Thank you for posting that link. I been aware for a while now there is a difference between using Wi-Fi and mobile data. But for the life of me, I can't find anywhere that it's explained in "easy to understand" language. I will review your link tonight and give you some feed back tomorrow.

Well the info in your link was simple enough. But where can I go for an explanation of the difference between mobile data and Wi-Fi? I've tried reading the Help screens in my phone and they make it sound like the phone tries to access data by using Wi-Fi first and if it can't find it that way or if it can't access Wi-Fi, then it uses Mobile Data.

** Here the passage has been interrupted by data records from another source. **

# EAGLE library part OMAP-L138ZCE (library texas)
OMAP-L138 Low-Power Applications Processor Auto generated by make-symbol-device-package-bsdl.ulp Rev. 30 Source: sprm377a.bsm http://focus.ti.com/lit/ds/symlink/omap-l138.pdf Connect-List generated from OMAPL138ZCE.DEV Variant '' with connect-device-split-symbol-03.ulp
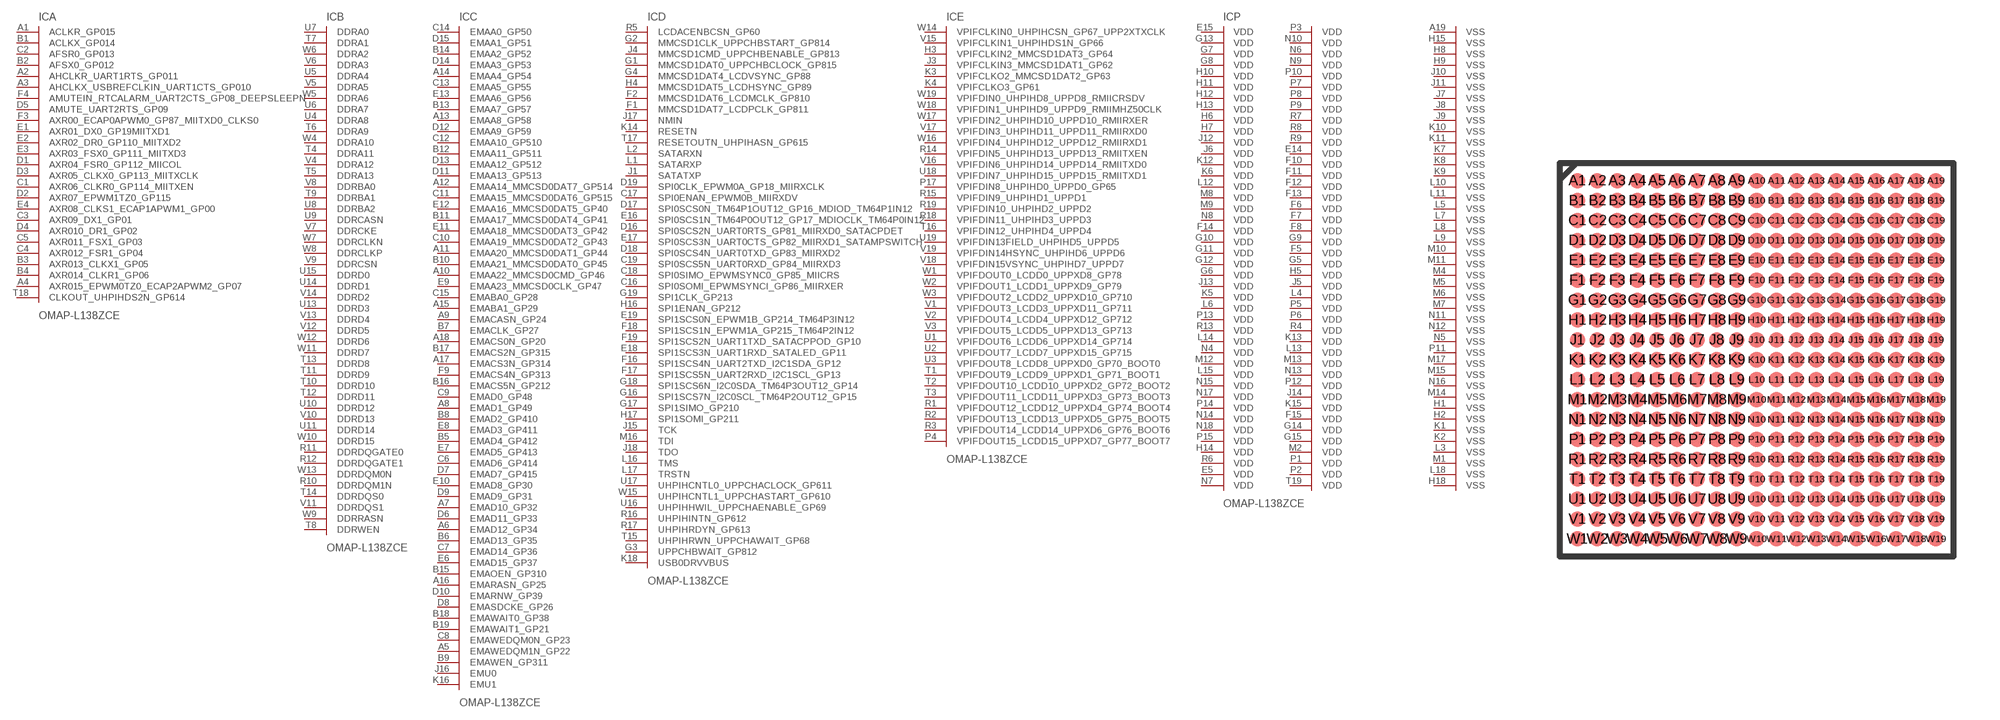
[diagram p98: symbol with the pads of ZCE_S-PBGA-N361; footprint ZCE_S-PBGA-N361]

Designator prefix IC; gates A=OMAP-L138_ZCE-A B=OMAP-L138_ZCE-B C=OMAP-L138_ZCE-C D=OMAP-L138_ZCE-D E=OMAP-L138_ZCE-E P=OMAP-L138_ZCE-P

## OMAP-L138ZCE (OC_FARNELL: unknown; OC_NEWARK: unknown)  [ZCE_S-PBGA-N361]
A1  A:ACLKR_GP015
A2  A:AHCLKR_UART1RTS_GP011
A3  A:AHCLKX_USBREFCLKIN_UART1CTS_GP010
A4  A:AXR015_EPWM0TZ0_ECAP2APWM2_GP07
A5  C:EMAWEDQM1N_GP22
A6  C:EMAD12_GP34
A7  C:EMAD10_GP32
A8  C:EMAD1_GP49
A9  C:EMACASN_GP24
A10  C:EMAA22_MMCSD0CMD_GP46
A11  C:EMAA20_MMCSD0DAT1_GP44
A12  C:EMAA14_MMCSD0DAT7_GP514
A13  C:EMAA8_GP58
A14  C:EMAA4_GP54
A15  C:EMABA1_GP29
A16  C:EMARASN_GP25
A17  C:EMACS3N_GP314
A18  C:EMACS0N_GP20
A19  P:VSS  pwr
B1  A:ACLKX_GP014
B2  A:AFSX0_GP012
B3  A:AXR013_CLKX1_GP05
B4  A:AXR014_CLKR1_GP06
B5  C:EMAD4_GP412
B6  C:EMAD13_GP35
B7  C:EMACLK_GP27
B8  C:EMAD2_GP410
B9  C:EMAWEN_GP311
B10  C:EMAA21_MMCSD0DAT0_GP45
B11  C:EMAA17_MMCSD0DAT4_GP41
B12  C:EMAA11_GP511
B13  C:EMAA7_GP57
B14  C:EMAA2_GP52
B15  C:EMAOEN_GP310
B16  C:EMACS5N_GP212
B17  C:EMACS2N_GP315
B18  C:EMAWAIT0_GP38
B19  C:EMAWAIT1_GP21
C1  A:AXR06_CLKR0_GP114_MIITXEN
C2  A:AFSR0_GP013
C3  A:AXR09_DX1_GP01
C4  A:AXR012_FSR1_GP04
C5  A:AXR011_FSX1_GP03
C6  C:EMAD6_GP414
C7  C:EMAD14_GP36
C8  C:EMAWEDQM0N_GP23
C9  C:EMAD0_GP48
C10  C:EMAA19_MMCSD0DAT2_GP43
C11  C:EMAA15_MMCSD0DAT6_GP515
C12  C:EMAA10_GP510
C13  C:EMAA5_GP55
C14  C:EMAA0_GP50
C15  C:EMABA0_GP28
C16  D:SPI0SOMI_EPWMSYNCI_GP86_MIIRXER
C17  D:SPI0ENAN_EPWM0B_MIIRXDV
C18  D:SPI0SIMO_EPWMSYNC0_GP85_MIICRS
C19  D:SPI0SCS5N_UART0RXD_GP84_MIIRXD3
D1  A:AXR04_FSR0_GP112_MIICOL
D2  A:AXR07_EPWM1TZ0_GP115
D3  A:AXR05_CLKX0_GP113_MIITXCLK
D4  A:AXR010_DR1_GP02
D5  A:AMUTE_UART2RTS_GP09
D6  C:EMAD11_GP33
D7  C:EMAD7_GP415
D8  C:EMASDCKE_GP26
D9  C:EMAD9_GP31
D10  C:EMARNW_GP39
D11  C:EMAA13_GP513
D12  C:EMAA9_GP59
D13  C:EMAA12_GP512
D14  C:EMAA3_GP53
D15  C:EMAA1_GP51
D16  D:SPI0SCS2N_UART0RTS_GP81_MIIRXD0_SATACPDET
D17  D:SPI0SCS0N_TM64P1OUT12_GP16_MDIOD_TM64P1IN12
D18  D:SPI0SCS4N_UART0TXD_GP83_MIIRXD2
D19  D:SPI0CLK_EPWM0A_GP18_MIIRXCLK
E1  A:AXR01_DX0_GP19MIITXD1
E2  A:AXR02_DR0_GP110_MIITXD2
E3  A:AXR03_FSX0_GP111_MIITXD3
E4  A:AXR08_CLKS1_ECAP1APWM1_GP00
E5  P:VDD  pwr
E6  C:EMAD15_GP37
E7  C:EMAD5_GP413
E8  C:EMAD3_GP411
E9  C:EMAA23_MMCSD0CLK_GP47
E10  C:EMAD8_GP30
E11  C:EMAA18_MMCSD0DAT3_GP42
E12  C:EMAA16_MMCSD0DAT5_GP40
E13  C:EMAA6_GP56
E14  P:VDD  pwr
E15  P:VDD  pwr
E16  D:SPI0SCS1N_TM64P0OUT12_GP17_MDIOCLK_TM64P0IN12
E17  D:SPI0SCS3N_UART0CTS_GP82_MIIRXD1_SATAMPSWITCH
E18  D:SPI1SCS3N_UART1RXD_SATALED_GP11
E19  D:SPI1SCS0N_EPWM1B_GP214_TM64P3IN12
F1  D:MMCSD1DAT7_LCDPCLK_GP811
F2  D:MMCSD1DAT6_LCDMCLK_GP810
F3  A:AXR00_ECAP0APWM0_GP87_MIITXD0_CLKS0
F4  A:AMUTEIN_RTCALARM_UART2CTS_GP08_DEEPSLEEPN
F5  P:VDD  pwr
F6  P:VDD  pwr
F7  P:VDD  pwr
F8  P:VDD  pwr
F9  C:EMACS4N_GP313
F10  P:VDD  pwr
F11  P:VDD  pwr
F12  P:VDD  pwr
F13  P:VDD  pwr
F14  P:VDD  pwr
F15  P:VDD  pwr
F16  D:SPI1SCS4N_UART2TXD_I2C1SDA_GP12
F17  D:SPI1SCS5N_UART2RXD_I2C1SCL_GP13
F18  D:SPI1SCS1N_EPWM1A_GP215_TM64P2IN12
F19  D:SPI1SCS2N_UART1TXD_SATACPPOD_GP10
G1  D:MMCSD1DAT0_UPPCHBCLOCK_GP815
G2  D:MMCSD1CLK_UPPCHBSTART_GP814
G3  D:UPPCHBWAIT_GP812
G4  D:MMCSD1DAT4_LCDVSYNC_GP88
G5  P:VDD  pwr
G6  P:VDD  pwr
G7  P:VDD  pwr
G8  P:VDD  pwr
G9  P:VDD  pwr
G10  P:VDD  pwr
G11  P:VDD  pwr
G12  P:VDD  pwr
G13  P:VDD  pwr
G14  P:VDD  pwr
G15  P:VDD  pwr
G16  D:SPI1SCS7N_I2C0SCL_TM64P2OUT12_GP15
G17  D:SPI1SIMO_GP210
G18  D:SPI1SCS6N_I2C0SDA_TM64P3OUT12_GP14
G19  D:SPI1CLK_GP213
H1  P:VSS  pwr
H2  P:VSS  pwr
H3  E:VPIFCLKIN2_MMCSD1DAT3_GP64
H4  D:MMCSD1DAT5_LCDHSYNC_GP89
H5  P:VDD  pwr
H6  P:VDD  pwr
H7  P:VDD  pwr
H8  P:VSS  pwr
H9  P:VSS  pwr
H10  P:VDD  pwr
H11  P:VDD  pwr
H12  P:VDD  pwr
H13  P:VDD  pwr
H14  P:VDD  pwr
H15  P:VSS  pwr
H16  D:SPI1ENAN_GP212
H17  D:SPI1SOMI_GP211
H18  P:VSS  pwr
J1  D:SATATXP  hiz
J3  E:VPIFCLKIN3_MMCSD1DAT1_GP62
J4  D:MMCSD1CMD_UPPCHBENABLE_GP813
J5  P:VDD  pwr
J6  P:VDD  pwr
J7  P:VSS  pwr
J8  P:VSS  pwr
J9  P:VSS  pwr
J10  P:VSS  pwr
J11  P:VSS  pwr
J12  P:VDD  pwr
J13  P:VDD  pwr
J14  P:VDD  pwr
J15  D:TCK  in
J16  C:EMU0
J17  D:NMIN  in
J18  D:TDO  out
K1  P:VSS  pwr
K2  P:VSS  pwr
K3  E:VPIFCLKO2_MMCSD1DAT2_GP63
K4  E:VPIFCLKO3_GP61
K5  P:VDD  pwr
K6  P:VDD  pwr
K7  P:VSS  pwr
K8  P:VSS  pwr
K9  P:VSS  pwr
K10  P:VSS  pwr
K11  P:VSS  pwr
K12  P:VDD  pwr
K13  P:VDD  pwr
K14  D:RESETN  in
K15  P:VDD  pwr
K16  C:EMU1
K18  D:USB0DRVVBUS
L1  D:SATARXP  in
L2  D:SATARXN  in
L3  P:VSS  pwr
L4  P:VDD  pwr
L5  P:VSS  pwr
L6  P:VDD  pwr
L7  P:VSS  pwr
L8  P:VSS  pwr
L9  P:VSS  pwr
L10  P:VSS  pwr
L11  P:VSS  pwr
L12  P:VDD  pwr
L13  P:VDD  pwr
L14  P:VDD  pwr
L15  P:VDD  pwr
L16  D:TMS  in
L17  D:TRSTN  in
L18  P:VSS  pwr
M1  P:VSS  pwr
M2  P:VDD  pwr
M4  P:VSS  pwr
M5  P:VSS  pwr
M6  P:VSS  pwr
M7  P:VSS  pwr
M8  P:VDD  pwr
M9  P:VDD  pwr
M10  P:VSS  pwr
M11  P:VSS  pwr
M12  P:VDD  pwr
M13  P:VDD  pwr
M14  P:VSS  pwr
M15  P:VSS  pwr
M16  D:TDI  in
M17  P:VSS  pwr
N4  P:VDD  pwr
N5  P:VSS  pwr
N6  P:VDD  pwr
N7  P:VDD  pwr
N8  P:VDD  pwr
N9  P:VDD  pwr
N10  P:VDD  pwr
N11  P:VSS  pwr
N12  P:VSS  pwr
N13  P:VDD  pwr
N14  P:VDD  pwr
N15  P:VDD  pwr
N16  P:VSS  pwr
N17  P:VDD  pwr
N18  P:VDD  pwr
P1  P:VDD  pwr
P2  P:VDD  pwr
P3  P:VDD  pwr
P4  E:VPIFDOUT15_LCDD15_UPPXD7_GP77_BOOT7
P5  P:VDD  pwr
P6  P:VDD  pwr
P7  P:VDD  pwr
P8  P:VDD  pwr
P9  P:VDD  pwr
P10  P:VDD  pwr
P11  P:VSS  pwr
P12  P:VDD  pwr
P13  P:VDD  pwr
P14  P:VDD  pwr
P15  P:VDD  pwr
P17  E:VPIFDIN8_UHPIHD0_UPPD0_GP65
R1  E:VPIFDOUT12_LCDD12_UPPXD4_GP74_BOOT4
R2  E:VPIFDOUT13_LCDD13_UPPXD5_GP75_BOOT5
R3  E:VPIFDOUT14_LCDD14_UPPXD6_GP76_BOOT6
R4  P:VDD  pwr
R5  D:LCDACENBCSN_GP60
R6  P:VDD  pwr
R7  P:VDD  pwr
R8  P:VDD  pwr
R9  P:VDD  pwr
R10  B:DDRDQM1N
R11  B:DDRDQGATE0
R12  B:DDRDQGATE1
R13  P:VDD  pwr
R14  E:VPIFDIN5_UHPIHD13_UPPD13_RMIITXEN
R15  E:VPIFDIN9_UHPIHD1_UPPD1
R16  D:UHPIHINTN_GP612
R17  D:UHPIHRDYN_GP613
R18  E:VPIFDIN11_UHPIHD3_UPPD3
R19  E:VPIFDIN10_UHPIHD2_UPPD2
T1  E:VPIFDOUT9_LCDD9_UPPXD1_GP71_BOOT1
T2  E:VPIFDOUT10_LCDD10_UPPXD2_GP72_BOOT2
T3  E:VPIFDOUT11_LCDD11_UPPXD3_GP73_BOOT3
T4  B:DDRA11
T5  B:DDRA13
T6  B:DDRA9
T7  B:DDRA1
T8  B:DDRWEN
T9  B:DDRBA1
T10  B:DDRD10
T11  B:DDRD9
T12  B:DDRD11
T13  B:DDRD8
T14  B:DDRDQS0
T15  D:UHPIHRWN_UPPCHAWAIT_GP68
T16  E:VPIFDIN12_UHPIHD4_UPPD4
T17  D:RESETOUTN_UHPIHASN_GP615
T18  A:CLKOUT_UHPIHDS2N_GP614
T19  P:VDD  pwr
U1  E:VPIFDOUT6_LCDD6_UPPXD14_GP714
U2  E:VPIFDOUT7_LCDD7_UPPXD15_GP715
U3  E:VPIFDOUT8_LCDD8_UPPXD0_GP70_BOOT0
U4  B:DDRA8
U5  B:DDRA4
U6  B:DDRA7
U7  B:DDRA0
U8  B:DDRBA2
U9  B:DDRCASN
U10  B:DDRD12
U11  B:DDRD14
U13  B:DDRD3
U14  B:DDRD1
U15  B:DDRD0
U16  D:UHPIHHWIL_UPPCHAENABLE_GP69
U17  D:UHPIHCNTL0_UPPCHACLOCK_GP611
U18  E:VPIFDIN7_UHPIHD15_UPPD15_RMIITXD1
U19  E:VPIFDIN13FIELD_UHPIHD5_UPPD5
V1  E:VPIFDOUT3_LCDD3_UPPXD11_GP711
V2  E:VPIFDOUT4_LCDD4_UPPXD12_GP712
V3  E:VPIFDOUT5_LCDD5_UPPXD13_GP713
V4  B:DDRA12
V5  B:DDRA5
V6  B:DDRA3
V7  B:DDRCKE
V8  B:DDRBA0
V9  B:DDRCSN
V10  B:DDRD13
V11  B:DDRDQS1
V12  B:DDRD5
V13  B:DDRD4
V14  B:DDRD2
V15  E:VPIFCLKIN1_UHPIHDS1N_GP66
V16  E:VPIFDIN6_UHPIHD14_UPPD14_RMIITXD0
V17  E:VPIFDIN3_UHPIHD11_UPPD11_RMIIRXD0
V18  E:VPIFDIN15VSYNC_UHPIHD7_UPPD7
V19  E:VPIFDIN14HSYNC_UHPIHD6_UPPD6
W1  E:VPIFDOUT0_LCDD0_UPPXD8_GP78
W2  E:VPIFDOUT1_LCDD1_UPPXD9_GP79
W3  E:VPIFDOUT2_LCDD2_UPPXD10_GP710
W4  B:DDRA10
W5  B:DDRA6
W6  B:DDRA2
W7  B:DDRCLKN
W8  B:DDRCLKP
W9  B:DDRRASN
W10  B:DDRD15
W11  B:DDRD7
W12  B:DDRD6
W13  B:DDRDQM0N
W14  E:VPIFCLKIN0_UHPIHCSN_GP67_UPP2XTXCLK
W15  D:UHPIHCNTL1_UPPCHASTART_GP610
W16  E:VPIFDIN4_UHPIHD12_UPPD12_RMIIRXD1
W17  E:VPIFDIN2_UHPIHD10_UPPD10_RMIIRXER
W18  E:VPIFDIN1_UHPIHD9_UPPD9_RMIIMHZ50CLK
W19  E:VPIFDIN0_UHPIHD8_UPPD8_RMIICRSDV

## Footprint ZCE_S-PBGA-N361 (pad centres in mm)
ZCE (S-PBGA-N361) Auto generated by make-symbol-device-package-bsdl.ulp Rev. 30 Source: sprm377a.bsm http://focus.ti.com/lit/ds/symlink/omap-l138.pdf
smd 0.5 x 0.5: A1 -5.85,5.85; A2 -5.2,5.85; A3 -4.55,5.85; A4 -3.9,5.85; A5 -3.25,5.85; A6 -2.6,5.85; A7 -1.95,5.85; A8 -1.3,5.85; A9 -0.65,5.85; A10 0,5.85; A11 0.65,5.85; A12 1.3,5.85; A13 1.95,5.85; A14 2.6,5.85; A15 3.25,5.85; A16 3.9,5.85; A17 4.55,5.85; A18 5.2,5.85; A19 5.85,5.85; B1 -5.85,5.2; B2 -5.2,5.2; B3 -4.55,5.2; B4 -3.9,5.2; B5 -3.25,5.2; B6 -2.6,5.2; B7 -1.95,5.2; B8 -1.3,5.2; B9 -0.65,5.2; B10 0,5.2; B11 0.65,5.2; B12 1.3,5.2; B13 1.95,5.2; B14 2.6,5.2; B15 3.25,5.2; B16 3.9,5.2; B17 4.55,5.2; B18 5.2,5.2; B19 5.85,5.2; C1 -5.85,4.55; C2 -5.2,4.55; C3 -4.55,4.55; C4 -3.9,4.55; C5 -3.25,4.55; C6 -2.6,4.55; C7 -1.95,4.55; C8 -1.3,4.55; C9 -0.65,4.55; C10 0,4.55; C11 0.65,4.55; C12 1.3,4.55; C13 1.95,4.55; C14 2.6,4.55; C15 3.25,4.55; C16 3.9,4.55; C17 4.55,4.55; C18 5.2,4.55; C19 5.85,4.55; D1 -5.85,3.9; D2 -5.2,3.9; D3 -4.55,3.9; D4 -3.9,3.9; D5 -3.25,3.9; D6 -2.6,3.9; D7 -1.95,3.9; D8 -1.3,3.9; D9 -0.65,3.9; D10 0,3.9; D11 0.65,3.9; D12 1.3,3.9; D13 1.95,3.9; D14 2.6,3.9; D15 3.25,3.9; D16 3.9,3.9; D17 4.55,3.9; D18 5.2,3.9; D19 5.85,3.9; E1 -5.85,3.25; E2 -5.2,3.25; E3 -4.55,3.25; E4 -3.9,3.25; E5 -3.25,3.25; E6 -2.6,3.25; E7 -1.95,3.25; E8 -1.3,3.25; E9 -0.65,3.25; E10 0,3.25; E11 0.65,3.25; E12 1.3,3.25; E13 1.95,3.25; E14 2.6,3.25; E15 3.25,3.25; E16 3.9,3.25; E17 4.55,3.25; E18 5.2,3.25; E19 5.85,3.25; F1 -5.85,2.6; F2 -5.2,2.6; F3 -4.55,2.6; F4 -3.9,2.6; F5 -3.25,2.6; F6 -2.6,2.6; F7 -1.95,2.6; F8 -1.3,2.6; F9 -0.65,2.6; F10 0,2.6; F11 0.65,2.6; F12 1.3,2.6; F13 1.95,2.6; F14 2.6,2.6; F15 3.25,2.6; F16 3.9,2.6; F17 4.55,2.6; F18 5.2,2.6; F19 5.85,2.6; G1 -5.85,1.95; G2 -5.2,1.95; G3 -4.55,1.95; G4 -3.9,1.95; G5 -3.25,1.95; G6 -2.6,1.95; G7 -1.95,1.95; G8 -1.3,1.95; G9 -0.65,1.95; G10 0,1.95; G11 0.65,1.95; G12 1.3,1.95; G13 1.95,1.95; G14 2.6,1.95; G15 3.25,1.95; G16 3.9,1.95; G17 4.55,1.95; G18 5.2,1.95; G19 5.85,1.95; H1 -5.85,1.3; H2 -5.2,1.3; H3 -4.55,1.3; H4 -3.9,1.3; H5 -3.25,1.3; H6 -2.6,1.3; H7 -1.95,1.3; H8 -1.3,1.3; H9 -0.65,1.3; H10 0,1.3; H11 0.65,1.3; H12 1.3,1.3; H13 1.95,1.3; H14 2.6,1.3; H15 3.25,1.3; H16 3.9,1.3; H17 4.55,1.3; H18 5.2,1.3; H19 5.85,1.3; J1 -5.85,0.65; J2 -5.2,0.65; J3 -4.55,0.65; J4 -3.9,0.65; J5 -3.25,0.65; J6 -2.6,0.65; J7 -1.95,0.65; J8 -1.3,0.65; J9 -0.65,0.65; J10 0,0.65; J11 0.65,0.65; J12 1.3,0.65; J13 1.95,0.65; J14 2.6,0.65; J15 3.25,0.65; J16 3.9,0.65; J17 4.55,0.65; J18 5.2,0.65; J19 5.85,0.65; K1 -5.85,0; K2 -5.2,0; K3 -4.55,0; K4 -3.9,0; K5 -3.25,0; K6 -2.6,0; K7 -1.95,0; K8 -1.3,0; K9 -0.65,0; K10 0,0; K11 0.65,0; K12 1.3,0; K13 1.95,0; K14 2.6,0; K15 3.25,0; K16 3.9,0; K17 4.55,0; K18 5.2,0; K19 5.85,0; L1 -5.85,-0.65; L2 -5.2,-0.65; L3 -4.55,-0.65; L4 -3.9,-0.65; L5 -3.25,-0.65; L6 -2.6,-0.65; L7 -1.95,-0.65; L8 -1.3,-0.65; L9 -0.65,-0.65; L10 0,-0.65; L11 0.65,-0.65; L12 1.3,-0.65; L13 1.95,-0.65; L14 2.6,-0.65; L15 3.25,-0.65; L16 3.9,-0.65; L17 4.55,-0.65; L18 5.2,-0.65; L19 5.85,-0.65; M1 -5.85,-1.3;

There is one part of my phone's system that lets me look at my Data Usage so far. Talk about confusing. Let me tell you what it says:

When I first got this phone, I looked at Data Usage and it showed a nice Histogram with vertical bars where each bar represented the data usage for a single day.

(By the way, I should say that I have a 2G limit per month and after keeping Wi-Fi turned off most all the time, my usage is extremely tiny - something like 10 MB per day. At that rate, I would only be using 300MB per month and my limit is 2,000 MB per month. But let me tell you what this screen says now. I was experimenting with this screen and somehow I turned something off and it no longer shows a histogram with individual usage per day.

Instead it just shows a flat horizontal line and a large heading saying "Mobile Data" with a check mark on the top. I don't expect you to explain what is going on here. But is there any way you can tell me where I can find an explanation? I mean there should be an explanation in the phone's Help screens or the User Guide or Handbook. Shouldn't there?


----------



## Wallenberg (Jan 23, 2006)

Strollin,

Let me take a guess to try and save you some typing?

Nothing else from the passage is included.